Proof: connection points c, f;

Because △ABC is an isosceles right triangle and f is the midpoint of AB;

So CF=FB, and ∠DCF=∠EBF=45 degrees.

And because AD=BC. You can get DC = EB；;

So △DCF and △EBF are the same;

So FD=FE, and ∠ DFC = ∠ EBF;

And ∠ EBF+∠ EFC = 90, you can get ∠ EFC+∠ DFC = ∠ DFE = 90;

So: △DFE is an isosceles right triangle

2 is wrong.

As a counterexample, when d and e move to the midpoint of their respective sides,

Quadrilateral CDFE is a square.

(3) is wrong.

Prove:

Because: △DFE is an isosceles right triangle;

So de = √ 2df;

And DF is the distance from the fixed point f to the moving point d, where d is the midpoint of AC, that is, DF is perpendicular to AC and DF is at least 4.

So the minimum value of DE is 4√2, not 4;

4 that's right.

Prove:

△DCF and△△ EBF are congruent (previously proved)

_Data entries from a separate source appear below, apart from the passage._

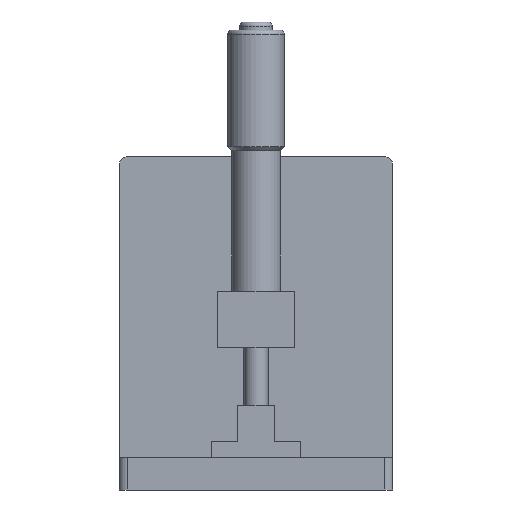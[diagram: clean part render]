
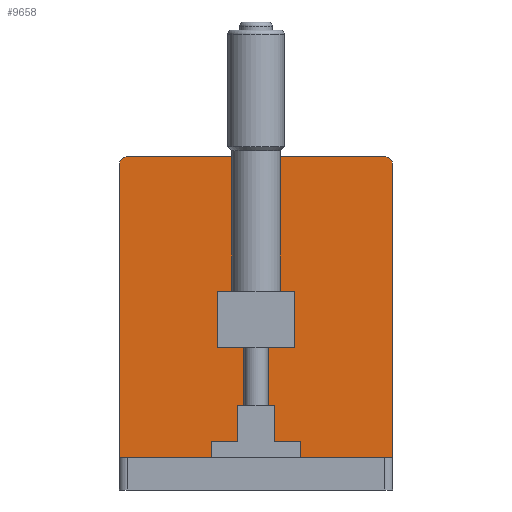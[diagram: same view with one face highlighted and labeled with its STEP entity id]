
A CAD part, front view. The second image highlights one B-rep face of the part: STEP entity #9658.
In plain terms, the highlighted planar face has unit normal (0, -1, 0).
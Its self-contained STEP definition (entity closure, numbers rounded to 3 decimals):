
#90 = CIRCLE ( 'NONE', #11857, 2. ) ;
#342 = EDGE_CURVE ( 'NONE', #747, #9098, #2942, .T. ) ;
#395 = EDGE_CURVE ( 'NONE', #7471, #9098, #12106, .T. ) ;
#460 = CARTESIAN_POINT ( 'NONE',  ( 18.82, -6.5, 4. ) ) ;
#599 = PLANE ( 'NONE',  #5388 ) ;
#747 = VERTEX_POINT ( 'NONE', #4058 ) ;
#816 = VECTOR ( 'NONE', #8036, 1000. ) ;
#1059 = DIRECTION ( 'NONE',  ( -1., 0., 0. ) ) ;
#1354 = ORIENTED_EDGE ( 'NONE', *, *, #10645, .T. ) ;
#1363 = CARTESIAN_POINT ( 'NONE',  ( 62.32, -6.5, 35.5 ) ) ;
#1580 = LINE ( 'NONE', #12549, #5755 ) ;
#1745 = CARTESIAN_POINT ( 'NONE',  ( 62.32, -6.5, 37.5 ) ) ;
#1927 = VECTOR ( 'NONE', #3010, 1000. ) ;
#1935 = ORIENTED_EDGE ( 'NONE', *, *, #7798, .T. ) ;
#2743 = DIRECTION ( 'NONE',  ( 0., 0., 1. ) ) ;
#2942 = LINE ( 'NONE', #11919, #1927 ) ;
#2967 = VERTEX_POINT ( 'NONE', #13208 ) ;
#3007 = LINE ( 'NONE', #1745, #12982 ) ;
#3010 = DIRECTION ( 'NONE',  ( 0., 0., -1. ) ) ;
#3094 = VECTOR ( 'NONE', #6408, 1000. ) ;
#3245 = ORIENTED_EDGE ( 'NONE', *, *, #12402, .F. ) ;
#3384 = DIRECTION ( 'NONE',  ( 1., 0., 0. ) ) ;
#3418 = EDGE_CURVE ( 'NONE', #8674, #2967, #4908, .T. ) ;
#3584 = CARTESIAN_POINT ( 'NONE',  ( 37.82, -6.5, -10. ) ) ;
#3688 = EDGE_CURVE ( 'NONE', #12878, #7471, #3007, .T. ) ;
#4058 = CARTESIAN_POINT ( 'NONE',  ( -5.68, -6.5, 35.5 ) ) ;
#4275 = VECTOR ( 'NONE', #1059, 1000. ) ;
#4422 = ORIENTED_EDGE ( 'NONE', *, *, #5484, .F. ) ;
#4551 = DIRECTION ( 'NONE',  ( -1., 0., 0. ) ) ;
#4607 = EDGE_LOOP ( 'NONE', ( #12277, #1354, #5270, #1935, #8790, #9115 ) ) ;
#4701 = CARTESIAN_POINT ( 'NONE',  ( 37.82, -6.5, 4. ) ) ;
#4732 = CARTESIAN_POINT ( 'NONE',  ( 60.32, -6.5, 37.5 ) ) ;
#4835 = LINE ( 'NONE', #4701, #11518 ) ;
#4870 = VERTEX_POINT ( 'NONE', #11888 ) ;
#4908 = LINE ( 'NONE', #13067, #816 ) ;
#5270 = ORIENTED_EDGE ( 'NONE', *, *, #9464, .T. ) ;
#5388 = AXIS2_PLACEMENT_3D ( 'NONE', #10579, #8552, #4551 ) ;
#5390 = CARTESIAN_POINT ( 'NONE',  ( -3.68, -6.5, 35.5 ) ) ;
#5484 = EDGE_CURVE ( 'NONE', #4870, #8674, #6474, .T. ) ;
#5580 = DIRECTION ( 'NONE',  ( 0., -1., 0. ) ) ;
#5755 = VECTOR ( 'NONE', #3384, 1000. ) ;
#5805 = CARTESIAN_POINT ( 'NONE',  ( 62.32, -6.5, 37.5 ) ) ;
#5969 = CIRCLE ( 'NONE', #8748, 2. ) ;
#6013 = CARTESIAN_POINT ( 'NONE',  ( 62.32, -6.5, -37.5 ) ) ;
#6283 = ORIENTED_EDGE ( 'NONE', *, *, #3418, .F. ) ;
#6408 = DIRECTION ( 'NONE',  ( -1., 0., 0. ) ) ;
#6474 = LINE ( 'NONE', #460, #3094 ) ;
#6661 = CARTESIAN_POINT ( 'NONE',  ( 18.82, -6.5, 4. ) ) ;
#7471 = VERTEX_POINT ( 'NONE', #7878 ) ;
#7798 = EDGE_CURVE ( 'NONE', #8905, #747, #90, .T. ) ;
#7878 = CARTESIAN_POINT ( 'NONE',  ( 62.32, -6.5, -37.5 ) ) ;
#8036 = DIRECTION ( 'NONE',  ( 0., 0., -1. ) ) ;
#8552 = DIRECTION ( 'NONE',  ( 0., 1., 0. ) ) ;
#8585 = DIRECTION ( 'NONE',  ( 0., -1., 0. ) ) ;
#8588 = VERTEX_POINT ( 'NONE', #3584 ) ;
#8657 = DIRECTION ( 'NONE',  ( -1., 0., 0. ) ) ;
#8674 = VERTEX_POINT ( 'NONE', #6661 ) ;
#8686 = DIRECTION ( 'NONE',  ( -1., 0., 0. ) ) ;
#8748 = AXIS2_PLACEMENT_3D ( 'NONE', #10676, #5580, #9657 ) ;
#8751 = LINE ( 'NONE', #5805, #12234 ) ;
#8790 = ORIENTED_EDGE ( 'NONE', *, *, #342, .T. ) ;
#8905 = VERTEX_POINT ( 'NONE', #11539 ) ;
#9023 = DIRECTION ( 'NONE',  ( 0., 0., -1. ) ) ;
#9055 = EDGE_LOOP ( 'NONE', ( #6283, #4422, #3245, #9484 ) ) ;
#9098 = VERTEX_POINT ( 'NONE', #13184 ) ;
#9115 = ORIENTED_EDGE ( 'NONE', *, *, #395, .F. ) ;
#9464 = EDGE_CURVE ( 'NONE', #11759, #8905, #8751, .T. ) ;
#9484 = ORIENTED_EDGE ( 'NONE', *, *, #10688, .F. ) ;
#9563 = FACE_OUTER_BOUND ( 'NONE', #4607, .T. ) ;
#9657 = DIRECTION ( 'NONE',  ( -1., 0., 0. ) ) ;
#9658 = ADVANCED_FACE ( 'NONE', ( #9563, #10777 ), #599, .F. ) ;
#10579 = CARTESIAN_POINT ( 'NONE',  ( 62.32, -6.5, 37.5 ) ) ;
#10645 = EDGE_CURVE ( 'NONE', #12878, #11759, #5969, .T. ) ;
#10676 = CARTESIAN_POINT ( 'NONE',  ( 60.32, -6.5, 35.5 ) ) ;
#10688 = EDGE_CURVE ( 'NONE', #2967, #8588, #1580, .T. ) ;
#10777 = FACE_BOUND ( 'NONE', #9055, .T. ) ;
#11518 = VECTOR ( 'NONE', #2743, 1000. ) ;
#11539 = CARTESIAN_POINT ( 'NONE',  ( -3.68, -6.5, 37.5 ) ) ;
#11759 = VERTEX_POINT ( 'NONE', #4732 ) ;
#11857 = AXIS2_PLACEMENT_3D ( 'NONE', #5390, #8585, #8657 ) ;
#11888 = CARTESIAN_POINT ( 'NONE',  ( 37.82, -6.5, 4. ) ) ;
#11919 = CARTESIAN_POINT ( 'NONE',  ( -5.68, -6.5, 37.5 ) ) ;
#12106 = LINE ( 'NONE', #6013, #4275 ) ;
#12234 = VECTOR ( 'NONE', #8686, 1000. ) ;
#12277 = ORIENTED_EDGE ( 'NONE', *, *, #3688, .F. ) ;
#12402 = EDGE_CURVE ( 'NONE', #8588, #4870, #4835, .T. ) ;
#12549 = CARTESIAN_POINT ( 'NONE',  ( 18.82, -6.5, -10. ) ) ;
#12878 = VERTEX_POINT ( 'NONE', #1363 ) ;
#12982 = VECTOR ( 'NONE', #9023, 1000. ) ;
#13067 = CARTESIAN_POINT ( 'NONE',  ( 18.82, -6.5, 4. ) ) ;
#13184 = CARTESIAN_POINT ( 'NONE',  ( -5.68, -6.5, -37.5 ) ) ;
#13208 = CARTESIAN_POINT ( 'NONE',  ( 18.82, -6.5, -10. ) ) ;

So the quadrilateral CDFE = s △ DCF+s △ CEF = s △ EBF+s △ CEF = s △ CFB =16 is a constant value.

⑤ It is right.

Prove:

S △ CDE = (DC * CE)/2 = CE * (AC-AD)/2 = CE * (8-CE)/2 = [-(CE-4) squared+16]/2; (0 & lt= CE & lt=8)

When CE=4, S△CDE is the largest, and the maximum value is 8.

To sum up, the correct conclusion is ① ④ ⑤, so choose B.